PROMPT -> Where does the string "units" occur in the entries below? Copy every line where it does.

(Saved entries)
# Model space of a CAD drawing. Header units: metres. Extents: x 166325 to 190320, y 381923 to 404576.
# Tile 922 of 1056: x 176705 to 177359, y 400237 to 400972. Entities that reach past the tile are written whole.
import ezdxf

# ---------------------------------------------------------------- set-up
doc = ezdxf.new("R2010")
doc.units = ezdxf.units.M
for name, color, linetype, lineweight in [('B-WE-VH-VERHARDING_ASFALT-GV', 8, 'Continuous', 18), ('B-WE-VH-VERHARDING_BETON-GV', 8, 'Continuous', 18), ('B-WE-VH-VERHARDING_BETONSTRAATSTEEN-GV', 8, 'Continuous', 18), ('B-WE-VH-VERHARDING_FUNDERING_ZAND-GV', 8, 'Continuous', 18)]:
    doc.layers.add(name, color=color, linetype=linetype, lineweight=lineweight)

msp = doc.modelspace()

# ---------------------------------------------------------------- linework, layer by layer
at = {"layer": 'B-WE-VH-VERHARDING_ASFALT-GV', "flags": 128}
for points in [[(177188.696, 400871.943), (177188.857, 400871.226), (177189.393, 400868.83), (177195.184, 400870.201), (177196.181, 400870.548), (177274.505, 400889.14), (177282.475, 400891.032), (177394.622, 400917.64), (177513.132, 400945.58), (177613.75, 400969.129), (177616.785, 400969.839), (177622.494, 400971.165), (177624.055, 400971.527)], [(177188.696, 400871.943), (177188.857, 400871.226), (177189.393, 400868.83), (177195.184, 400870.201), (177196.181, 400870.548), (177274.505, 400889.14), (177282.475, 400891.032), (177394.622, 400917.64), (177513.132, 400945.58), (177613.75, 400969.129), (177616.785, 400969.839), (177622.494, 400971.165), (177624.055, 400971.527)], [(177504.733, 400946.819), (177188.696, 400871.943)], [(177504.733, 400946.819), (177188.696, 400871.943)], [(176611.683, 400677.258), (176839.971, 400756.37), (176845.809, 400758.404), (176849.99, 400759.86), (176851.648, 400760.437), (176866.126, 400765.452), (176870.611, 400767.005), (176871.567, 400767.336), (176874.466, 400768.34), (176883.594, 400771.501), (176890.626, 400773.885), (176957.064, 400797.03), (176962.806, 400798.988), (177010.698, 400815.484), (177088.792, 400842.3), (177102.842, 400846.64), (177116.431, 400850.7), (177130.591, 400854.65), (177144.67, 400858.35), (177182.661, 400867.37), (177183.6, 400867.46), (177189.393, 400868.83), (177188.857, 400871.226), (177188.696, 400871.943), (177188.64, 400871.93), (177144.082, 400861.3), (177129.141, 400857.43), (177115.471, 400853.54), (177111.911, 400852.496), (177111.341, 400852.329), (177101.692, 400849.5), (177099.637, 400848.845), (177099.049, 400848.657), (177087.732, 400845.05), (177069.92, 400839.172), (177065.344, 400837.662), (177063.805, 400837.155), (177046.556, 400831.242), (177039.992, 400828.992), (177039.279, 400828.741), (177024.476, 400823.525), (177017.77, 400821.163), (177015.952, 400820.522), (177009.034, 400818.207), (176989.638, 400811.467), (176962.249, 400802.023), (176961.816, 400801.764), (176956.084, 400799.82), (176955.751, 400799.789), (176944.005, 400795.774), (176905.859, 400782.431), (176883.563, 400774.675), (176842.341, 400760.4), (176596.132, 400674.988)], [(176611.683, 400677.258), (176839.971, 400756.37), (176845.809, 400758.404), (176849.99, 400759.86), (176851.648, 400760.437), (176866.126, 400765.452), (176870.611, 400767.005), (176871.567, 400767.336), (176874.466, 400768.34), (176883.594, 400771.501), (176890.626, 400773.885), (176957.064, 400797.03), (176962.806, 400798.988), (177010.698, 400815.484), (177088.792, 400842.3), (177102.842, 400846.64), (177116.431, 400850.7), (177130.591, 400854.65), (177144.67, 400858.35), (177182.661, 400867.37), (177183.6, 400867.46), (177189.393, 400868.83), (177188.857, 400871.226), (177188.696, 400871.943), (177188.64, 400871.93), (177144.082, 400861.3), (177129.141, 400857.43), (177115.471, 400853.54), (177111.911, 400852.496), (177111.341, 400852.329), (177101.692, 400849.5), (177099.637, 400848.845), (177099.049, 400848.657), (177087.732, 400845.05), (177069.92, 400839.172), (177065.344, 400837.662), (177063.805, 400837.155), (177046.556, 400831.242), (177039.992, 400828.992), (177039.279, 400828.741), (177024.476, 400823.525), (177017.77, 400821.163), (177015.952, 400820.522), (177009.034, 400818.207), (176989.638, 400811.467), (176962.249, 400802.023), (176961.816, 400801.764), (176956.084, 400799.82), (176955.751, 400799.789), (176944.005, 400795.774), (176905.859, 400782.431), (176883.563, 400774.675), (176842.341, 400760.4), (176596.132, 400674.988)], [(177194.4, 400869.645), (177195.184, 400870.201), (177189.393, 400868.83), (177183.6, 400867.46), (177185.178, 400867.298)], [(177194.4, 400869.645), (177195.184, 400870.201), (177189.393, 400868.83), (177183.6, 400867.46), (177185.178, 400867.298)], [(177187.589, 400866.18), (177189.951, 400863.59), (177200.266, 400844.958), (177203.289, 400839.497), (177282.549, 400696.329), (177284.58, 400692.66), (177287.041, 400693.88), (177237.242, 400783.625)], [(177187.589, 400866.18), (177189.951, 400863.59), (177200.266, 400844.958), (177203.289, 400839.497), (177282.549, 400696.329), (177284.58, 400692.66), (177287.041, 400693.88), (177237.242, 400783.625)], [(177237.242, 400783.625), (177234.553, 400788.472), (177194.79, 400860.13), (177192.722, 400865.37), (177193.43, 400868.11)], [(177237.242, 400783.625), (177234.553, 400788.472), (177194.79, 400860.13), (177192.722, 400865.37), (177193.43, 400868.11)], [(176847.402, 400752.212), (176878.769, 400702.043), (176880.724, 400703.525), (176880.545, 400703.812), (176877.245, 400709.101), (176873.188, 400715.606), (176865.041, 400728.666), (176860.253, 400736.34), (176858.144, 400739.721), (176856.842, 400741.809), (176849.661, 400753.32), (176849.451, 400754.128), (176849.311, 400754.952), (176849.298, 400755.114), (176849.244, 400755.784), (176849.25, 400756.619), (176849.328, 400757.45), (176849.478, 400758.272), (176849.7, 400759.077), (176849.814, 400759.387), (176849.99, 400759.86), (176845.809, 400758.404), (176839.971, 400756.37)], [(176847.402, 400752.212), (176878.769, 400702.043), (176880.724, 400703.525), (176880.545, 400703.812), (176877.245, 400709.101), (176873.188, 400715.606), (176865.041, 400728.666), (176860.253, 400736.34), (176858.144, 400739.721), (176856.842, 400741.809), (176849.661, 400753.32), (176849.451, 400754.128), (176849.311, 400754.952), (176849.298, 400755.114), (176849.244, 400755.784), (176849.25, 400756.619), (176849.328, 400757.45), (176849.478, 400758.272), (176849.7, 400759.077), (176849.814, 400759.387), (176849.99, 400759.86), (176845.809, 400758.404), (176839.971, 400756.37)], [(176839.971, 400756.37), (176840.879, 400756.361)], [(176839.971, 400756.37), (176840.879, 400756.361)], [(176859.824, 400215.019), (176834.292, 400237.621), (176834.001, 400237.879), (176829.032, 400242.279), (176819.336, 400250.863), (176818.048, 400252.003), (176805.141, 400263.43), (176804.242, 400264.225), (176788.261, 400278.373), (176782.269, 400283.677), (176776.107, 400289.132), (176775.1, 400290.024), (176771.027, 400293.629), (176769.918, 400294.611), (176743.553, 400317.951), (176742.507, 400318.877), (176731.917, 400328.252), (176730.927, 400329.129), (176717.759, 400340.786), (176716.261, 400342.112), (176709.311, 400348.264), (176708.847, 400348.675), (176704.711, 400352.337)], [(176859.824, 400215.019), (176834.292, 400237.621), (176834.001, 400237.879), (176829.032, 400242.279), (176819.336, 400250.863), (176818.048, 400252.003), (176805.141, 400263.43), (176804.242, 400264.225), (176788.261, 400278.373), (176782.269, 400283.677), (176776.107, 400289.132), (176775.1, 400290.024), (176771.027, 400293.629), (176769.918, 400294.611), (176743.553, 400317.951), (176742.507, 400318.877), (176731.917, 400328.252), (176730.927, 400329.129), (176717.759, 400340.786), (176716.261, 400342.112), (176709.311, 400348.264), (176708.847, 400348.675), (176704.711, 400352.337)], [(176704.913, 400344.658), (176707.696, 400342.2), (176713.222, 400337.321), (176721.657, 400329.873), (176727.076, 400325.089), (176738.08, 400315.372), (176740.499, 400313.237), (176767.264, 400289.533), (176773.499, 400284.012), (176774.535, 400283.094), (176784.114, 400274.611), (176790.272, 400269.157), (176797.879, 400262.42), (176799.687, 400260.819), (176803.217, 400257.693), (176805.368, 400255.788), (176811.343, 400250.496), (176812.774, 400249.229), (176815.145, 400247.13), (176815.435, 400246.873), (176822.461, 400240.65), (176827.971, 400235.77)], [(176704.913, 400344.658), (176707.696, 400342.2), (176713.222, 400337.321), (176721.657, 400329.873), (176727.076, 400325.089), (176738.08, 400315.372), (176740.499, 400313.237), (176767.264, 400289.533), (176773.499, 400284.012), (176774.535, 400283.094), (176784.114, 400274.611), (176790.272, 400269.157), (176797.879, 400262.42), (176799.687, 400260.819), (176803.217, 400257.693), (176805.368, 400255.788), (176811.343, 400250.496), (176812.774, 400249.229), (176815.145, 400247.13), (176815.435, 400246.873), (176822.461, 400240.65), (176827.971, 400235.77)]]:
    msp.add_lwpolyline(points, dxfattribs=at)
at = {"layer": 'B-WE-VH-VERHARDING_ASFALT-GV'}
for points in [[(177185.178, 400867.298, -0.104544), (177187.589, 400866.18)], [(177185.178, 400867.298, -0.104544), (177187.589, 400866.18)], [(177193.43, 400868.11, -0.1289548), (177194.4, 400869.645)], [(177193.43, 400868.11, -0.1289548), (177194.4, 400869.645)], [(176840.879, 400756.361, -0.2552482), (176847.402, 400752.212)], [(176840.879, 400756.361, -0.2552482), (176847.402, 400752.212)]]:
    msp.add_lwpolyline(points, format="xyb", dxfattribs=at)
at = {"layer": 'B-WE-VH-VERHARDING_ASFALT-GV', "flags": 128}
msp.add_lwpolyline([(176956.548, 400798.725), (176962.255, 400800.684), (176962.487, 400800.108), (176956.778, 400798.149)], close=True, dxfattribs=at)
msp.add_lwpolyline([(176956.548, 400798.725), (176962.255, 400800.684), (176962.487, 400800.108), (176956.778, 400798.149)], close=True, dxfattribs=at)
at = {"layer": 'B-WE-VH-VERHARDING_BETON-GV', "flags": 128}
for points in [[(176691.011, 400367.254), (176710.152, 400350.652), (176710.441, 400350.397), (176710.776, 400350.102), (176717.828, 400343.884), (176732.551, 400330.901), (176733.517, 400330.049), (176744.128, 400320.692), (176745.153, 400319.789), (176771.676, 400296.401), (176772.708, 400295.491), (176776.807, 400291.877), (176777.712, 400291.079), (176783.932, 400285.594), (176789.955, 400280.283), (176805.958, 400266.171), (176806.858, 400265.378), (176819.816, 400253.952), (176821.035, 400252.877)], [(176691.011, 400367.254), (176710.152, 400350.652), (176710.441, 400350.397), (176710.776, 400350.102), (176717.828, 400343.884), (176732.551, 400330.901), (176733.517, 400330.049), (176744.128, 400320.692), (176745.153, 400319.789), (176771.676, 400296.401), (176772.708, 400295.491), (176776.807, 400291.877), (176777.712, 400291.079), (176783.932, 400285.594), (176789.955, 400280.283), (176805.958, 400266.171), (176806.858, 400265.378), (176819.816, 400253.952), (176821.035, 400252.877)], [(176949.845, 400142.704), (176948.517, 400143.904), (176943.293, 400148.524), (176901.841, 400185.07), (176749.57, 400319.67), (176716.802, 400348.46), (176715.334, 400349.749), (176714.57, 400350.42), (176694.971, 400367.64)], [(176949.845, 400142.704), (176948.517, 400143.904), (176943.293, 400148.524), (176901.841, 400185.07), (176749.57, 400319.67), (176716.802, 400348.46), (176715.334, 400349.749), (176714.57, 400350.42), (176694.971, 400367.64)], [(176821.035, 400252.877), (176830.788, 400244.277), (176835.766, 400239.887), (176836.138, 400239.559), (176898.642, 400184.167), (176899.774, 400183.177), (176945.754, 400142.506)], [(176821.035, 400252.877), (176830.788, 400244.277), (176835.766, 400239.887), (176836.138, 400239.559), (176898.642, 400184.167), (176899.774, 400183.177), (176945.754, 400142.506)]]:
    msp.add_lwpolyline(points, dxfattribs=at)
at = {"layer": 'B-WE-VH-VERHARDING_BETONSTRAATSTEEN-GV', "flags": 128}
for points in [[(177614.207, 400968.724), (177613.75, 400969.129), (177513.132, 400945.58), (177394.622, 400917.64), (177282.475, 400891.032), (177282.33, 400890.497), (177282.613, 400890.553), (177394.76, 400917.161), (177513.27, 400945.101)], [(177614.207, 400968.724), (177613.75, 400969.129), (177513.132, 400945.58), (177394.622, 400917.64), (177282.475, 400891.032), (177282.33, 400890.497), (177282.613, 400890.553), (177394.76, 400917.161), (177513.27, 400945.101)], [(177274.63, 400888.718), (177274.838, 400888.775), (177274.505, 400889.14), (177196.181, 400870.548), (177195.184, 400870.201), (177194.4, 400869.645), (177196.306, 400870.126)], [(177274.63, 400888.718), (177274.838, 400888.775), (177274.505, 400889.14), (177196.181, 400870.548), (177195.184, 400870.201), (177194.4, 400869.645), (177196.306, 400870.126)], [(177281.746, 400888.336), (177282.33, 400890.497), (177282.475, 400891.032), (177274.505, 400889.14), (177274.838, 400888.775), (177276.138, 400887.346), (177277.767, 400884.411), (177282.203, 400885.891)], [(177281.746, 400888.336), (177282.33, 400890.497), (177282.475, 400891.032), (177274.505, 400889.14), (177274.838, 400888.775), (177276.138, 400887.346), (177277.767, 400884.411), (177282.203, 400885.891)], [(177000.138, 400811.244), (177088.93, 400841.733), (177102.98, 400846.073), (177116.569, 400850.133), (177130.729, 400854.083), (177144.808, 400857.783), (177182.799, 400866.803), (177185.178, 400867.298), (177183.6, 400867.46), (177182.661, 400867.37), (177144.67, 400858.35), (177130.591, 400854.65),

SOLUTION FOR THIS TASK ->
# Model space of a CAD drawing. Header units: metres. Extents: x 166325 to 190320, y 381923 to 404576.
doc.units = ezdxf.units.M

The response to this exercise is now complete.